During the COVID-19 pandemic, respiratory therapists are at the ready to respond to the critical care unit, emergency department, 2 East or anywhere in the hospitals where a COVID-19 patient needs assistance.
“We are there at the head of the bed from beginning to the end of it,” says Rhonda Atkinson, a certified respiratory therapist with 36 years of experience.

Supporting each other

Responding to this new coronavirus has brought the respiratory therapy team together.
Respiratory therapists start each day with a 6:30 a.m. huddle to get the latest update on COVID-19 patients in the health system, establish their plan for the day and identify any potential ways they can provide even better care.
“It really helped us all come together,” Atkinson says. “We wanted to be able to encourage each other and get through this together.”

Tidelands Health respiratory therapists have bravely battled the COVID-19 pandemic.
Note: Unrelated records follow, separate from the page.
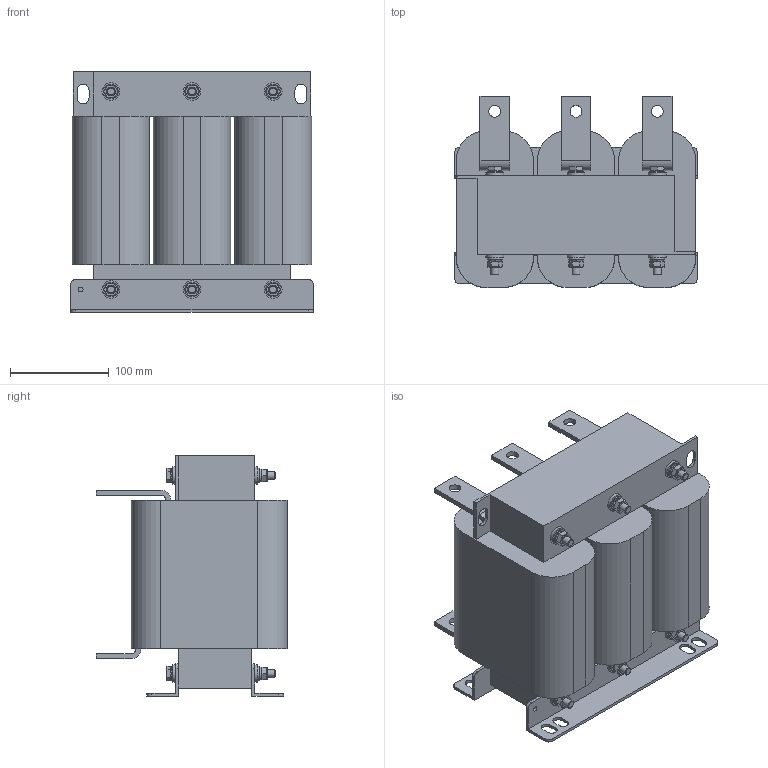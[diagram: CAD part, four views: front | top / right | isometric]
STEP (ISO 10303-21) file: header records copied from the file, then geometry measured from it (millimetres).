
FILE_DESCRIPTION(('STEP AP203'), '1');
FILE_NAME('栖闉罻 _ ISF-185_344-4', '', ('UNSPECIFIED'), ('UNSPECIFIED'), 'ASCON STEP Converter 1.6', 'ASCON Math Kernel', '');
FILE_SCHEMA(('CONFIG_CONTROL_DESIGN'));
Length unit declared in the file: millimetre
Products named in the file (12): ISF-185_344-4
Assembly tree (55 placements, depth 2):
  ISF-185_344-4
    ISF-185_344-4
    ISF-185_344-4  x2
    ISF-185_344-4  x3
    ISF-185_344-4
    ISF-185_344-4  x3
    ISF-185_344-4  x3
    ISF-185_344-4  x12
    ISF-185_344-4  x12
    ISF-185_344-4  x6
    ISF-185_344-4  x6
    ISF-185_344-4  x6
Bounding box: 245 x 193 x 243 mm (x, y, z)
Volume: 6678900.7 mm3; surface area: 507502.3 mm2
Topology: 55 solids, 55 shells, 586 faces, 1248 edges, 778 vertices
Faces by surface type: plane 424, cylinder 132, cone 18, torus 12
Full cylindrical faces by diameter (mm): 5 x2, 8 x48, 12 x6, 15 x12, 18 x12
Entity records: 6320 total; most frequent: CARTESIAN_POINT 1072, DIRECTION 832, ORIENTED_EDGE 666, EDGE_CURVE 333, AXIS2_PLACEMENT_3D 297, LINE 238, VECTOR 238, VERTEX_POINT 227
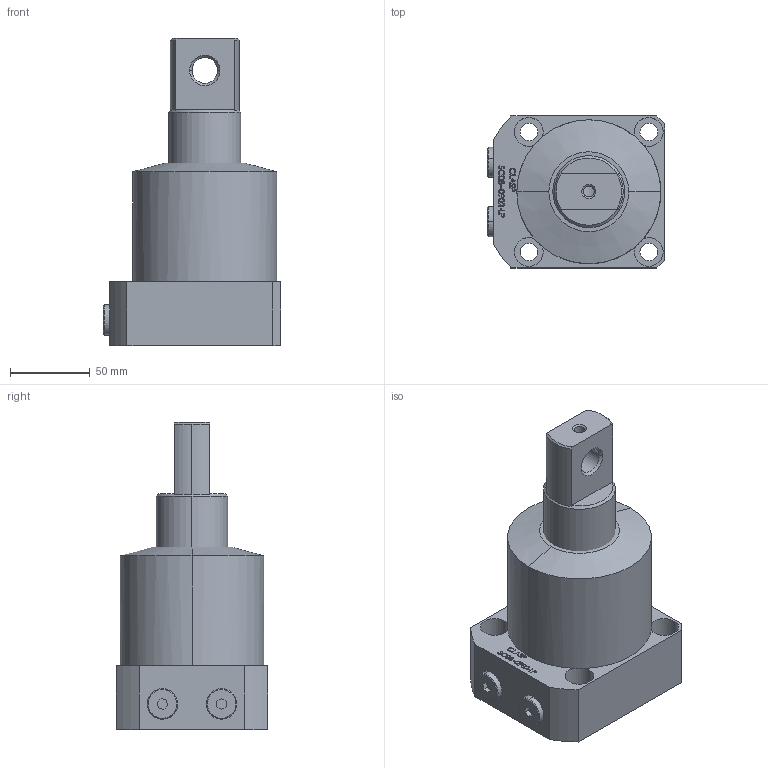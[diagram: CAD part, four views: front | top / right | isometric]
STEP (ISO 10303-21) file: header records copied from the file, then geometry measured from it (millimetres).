
FILE_DESCRIPTION (( 'STEP AP203' ), '1' );
FILE_NAME ('SC08-0902-LP.STEP', '2022-07-08T17:06:11', ( '' ), ( '' ), 'SwSTEP 2.0', 'SolidWorks 2017', '' );
FILE_SCHEMA (( 'CONFIG_CONTROL_DESIGN' ));
Length unit declared in the file: millimetre
Products named in the file (4): SC-08-0902-LP BODY; SC-08-0902-LP+Piston; SC08-0902-LP-05 plug; SC08-0902-LP
Assembly tree (4 placements, depth 2):
  SC08-0902-LP
    SC-08-0902-LP BODY
    SC-08-0902-LP+Piston
    SC08-0902-LP-05 plug  x2
Bounding box: 111 x 95 x 192 mm (x, y, z)
Volume: 937650 mm3; surface area: 81693.6 mm2
Topology: 4 solids, 4 shells, 336 faces, 840 edges, 551 vertices
Faces by surface type: plane 145, bspline 119, cylinder 51, cone 21
Entity records: 17031 total; most frequent: CARTESIAN_POINT 9572, ORIENTED_EDGE 1616, DIRECTION 1109, EDGE_CURVE 808, VERTEX_POINT 531, LINE 429, VECTOR 429, EDGE_LOOP 371
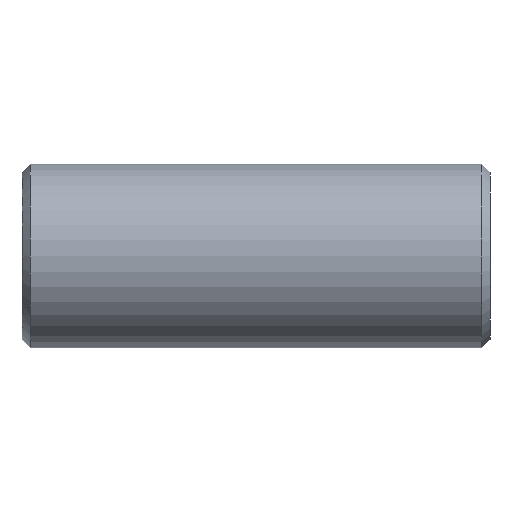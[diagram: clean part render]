
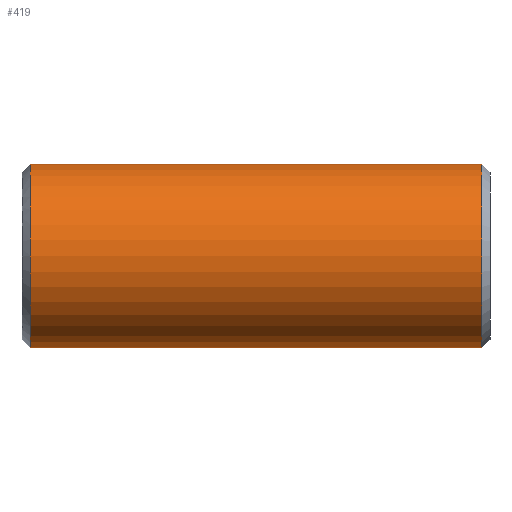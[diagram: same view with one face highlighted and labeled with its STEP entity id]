
A CAD part, front view. The second image highlights one B-rep face of the part: STEP entity #419.
In plain terms, the highlighted cylindrical face has radius 11 mm (diameter 22 mm), a partial arc.
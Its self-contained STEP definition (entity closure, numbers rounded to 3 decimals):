
#231=CARTESIAN_POINT('Vertex',(1.,0.,-11.)) ;
#238=CARTESIAN_POINT('Vertex',(1.,0.,11.)) ;
#267=CARTESIAN_POINT('Axis2P3D Location',(1.,0.,0.)) ;
#271=CARTESIAN_POINT('Vertex',(1.,-11.,0.)) ;
#274=CARTESIAN_POINT('Axis2P3D Location',(1.,0.,0.)) ;
#359=CARTESIAN_POINT('Line Origine',(56.,0.,11.)) ;
#363=CARTESIAN_POINT('Vertex',(55.,0.,11.)) ;
#377=CARTESIAN_POINT('Vertex',(55.,0.,-11.)) ;
#380=CARTESIAN_POINT('Line Origine',(56.,0.,-11.)) ;
#394=CARTESIAN_POINT('Axis2P3D Location',(56.,0.,0.)) ;
#399=CARTESIAN_POINT('Axis2P3D Location',(55.,0.,0.)) ;
#403=CARTESIAN_POINT('Vertex',(55.,-11.,0.)) ;
#406=CARTESIAN_POINT('Axis2P3D Location',(55.,0.,0.)) ;
#268=DIRECTION('Axis2P3D Direction',(1.,0.,-0.)) ;
#275=DIRECTION('Axis2P3D Direction',(1.,0.,-0.)) ;
#360=DIRECTION('Vector Direction',(-1.,0.,0.)) ;
#381=DIRECTION('Vector Direction',(-1.,0.,0.)) ;
#395=DIRECTION('Axis2P3D Direction',(-1.,-0.,-0.)) ;
#396=DIRECTION('Axis2P3D XDirection',(0.,0.,-1.)) ;
#400=DIRECTION('Axis2P3D Direction',(-1.,-0.,-0.)) ;
#407=DIRECTION('Axis2P3D Direction',(-1.,-0.,-0.)) ;
#269=AXIS2_PLACEMENT_3D('Circle Axis2P3D',#267,#268,$) ;
#276=AXIS2_PLACEMENT_3D('Circle Axis2P3D',#274,#275,$) ;
#397=AXIS2_PLACEMENT_3D('Cylinder Axis2P3D',#394,#395,#396) ;
#401=AXIS2_PLACEMENT_3D('Circle Axis2P3D',#399,#400,$) ;
#408=AXIS2_PLACEMENT_3D('Circle Axis2P3D',#406,#407,$) ;
#412=ORIENTED_EDGE('',*,*,#384,.T.) ;
#413=ORIENTED_EDGE('',*,*,#405,.F.) ;
#414=ORIENTED_EDGE('',*,*,#410,.F.) ;
#415=ORIENTED_EDGE('',*,*,#365,.T.) ;
#416=ORIENTED_EDGE('',*,*,#278,.T.) ;
#417=ORIENTED_EDGE('',*,*,#273,.T.) ;
#361=VECTOR('Line Direction',#360,1.) ;
#382=VECTOR('Line Direction',#381,1.) ;
#419=ADVANCED_FACE('352-16X56',(#418),#398,.T.) ;
#270=CIRCLE('generated circle',#269,11.) ;
#277=CIRCLE('generated circle',#276,11.) ;
#402=CIRCLE('generated circle',#401,11.) ;
#409=CIRCLE('generated circle',#408,11.) ;
#398=CYLINDRICAL_SURFACE('generated cylinder',#397,11.) ;
#273=EDGE_CURVE('',#272,#232,#270,.T.) ;
#278=EDGE_CURVE('',#239,#272,#277,.T.) ;
#365=EDGE_CURVE('',#364,#239,#362,.T.) ;
#384=EDGE_CURVE('',#232,#378,#383,.F.) ;
#405=EDGE_CURVE('',#404,#378,#402,.F.) ;
#410=EDGE_CURVE('',#364,#404,#409,.F.) ;
#411=EDGE_LOOP('',(#412,#413,#414,#415,#416,#417)) ;
#418=FACE_OUTER_BOUND('',#411,.T.) ;
#362=LINE('Line',#359,#361) ;
#383=LINE('Line',#380,#382) ;
#232=VERTEX_POINT('',#231) ;
#239=VERTEX_POINT('',#238) ;
#272=VERTEX_POINT('',#271) ;
#364=VERTEX_POINT('',#363) ;
#378=VERTEX_POINT('',#377) ;
#404=VERTEX_POINT('',#403) ;

A respiratory therapist might see up to 30 patients during a 12-hour shift. It can take a physical and emotional toll.
But there are uplifting moments, too. A patient’s heartfelt thank you. Or the promise to say a prayer for those on the front lines. Bloomfield recalls one patient who repeated her gratitude every time she came in the patient’s room.
“She just kept saying ‘thank you’ and that she was praying for me,” Bloomfield says. “It kind of gives you that boost. It really touched my heart.”